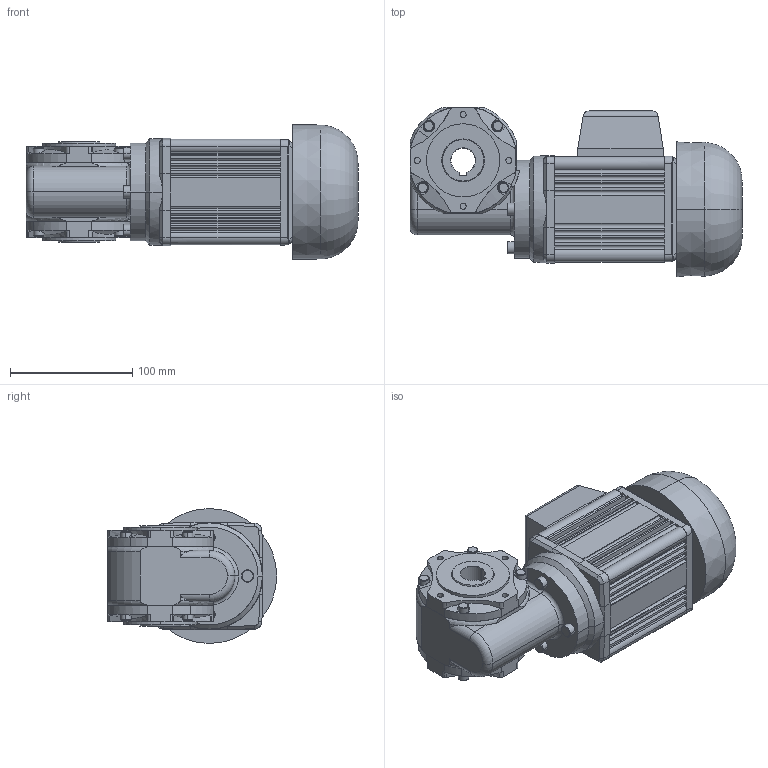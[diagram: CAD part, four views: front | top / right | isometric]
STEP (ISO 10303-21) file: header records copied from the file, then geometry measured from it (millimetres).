
FILE_DESCRIPTION(('OneSpaceDesigner STEP Export'),'2;1');
FILE_NAME('OEG51_GB140_F.stp','2008-06-19T 9:00:23',(''),(''),'OneSpace Designer STEP processor (Jan. 2003) for AP214(CD)(Solid Model)','OneSpace Designer 12.01D 09-Jul-2004 (C) CoCreate Software GmbH','');
FILE_SCHEMA(('AUTOMOTIVE_DESIGN_CC2 {1 2 10303 214 -1 1 5 1}'));
Length unit declared in the file: millimetre
Products named in the file (2): OEG51_GB140_F
Assembly tree (1 placements, depth 2):
  OEG51_GB140_F
    OEG51_GB140_F
Bounding box: 272 x 138.75 x 110.5 mm (x, y, z)
Volume: 2011148.4 mm3; surface area: 156672.1 mm2
Topology: 1 solids, 1 shells, 548 faces, 1435 edges, 904 vertices
Faces by surface type: plane 250, cylinder 206, cone 54, bspline 24, torus 14
Entity records: 24581 total; most frequent: CARTESIAN_POINT 12317, ORIENTED_EDGE 2870, DIRECTION 2078, EDGE_CURVE 1435, VERTEX_POINT 904, VECTOR 742, LINE 742, AXIS2_PLACEMENT_3D 668

+--

Give the listing again, exactly as it appears, but without its images.

Result below –
[diagram: CAD part, four views: front | top / right | isometric]
STEP (ISO 10303-21) file: header records copied from the file, then geometry measured from it (millimetres).
FILE_DESCRIPTION(('OneSpaceDesigner STEP Export'),'2;1');
FILE_NAME('OEG51_GB140_F.stp','2008-06-19T 9:00:23',(''),(''),'OneSpace Designer STEP processor (Jan. 2003) for AP214(CD)(Solid Model)','OneSpace Designer 12.01D 09-Jul-2004 (C) CoCreate Software GmbH','');
FILE_SCHEMA(('AUTOMOTIVE_DESIGN_CC2 {1 2 10303 214 -1 1 5 1}'));
Length unit declared in the file: millimetre
Products named in the file (2): OEG51_GB140_F
Assembly tree (1 placements, depth 2):
  OEG51_GB140_F
    OEG51_GB140_F
Bounding box: 272 x 138.75 x 110.5 mm (x, y, z)
Volume: 2011148.4 mm3; surface area: 156672.1 mm2
Topology: 1 solids, 1 shells, 548 faces, 1435 edges, 904 vertices
Faces by surface type: plane 250, cylinder 206, cone 54, bspline 24, torus 14
Entity records: 24581 total; most frequent: CARTESIAN_POINT 12317, ORIENTED_EDGE 2870, DIRECTION 2078, EDGE_CURVE 1435, VERTEX_POINT 904, VECTOR 742, LINE 742, AXIS2_PLACEMENT_3D 668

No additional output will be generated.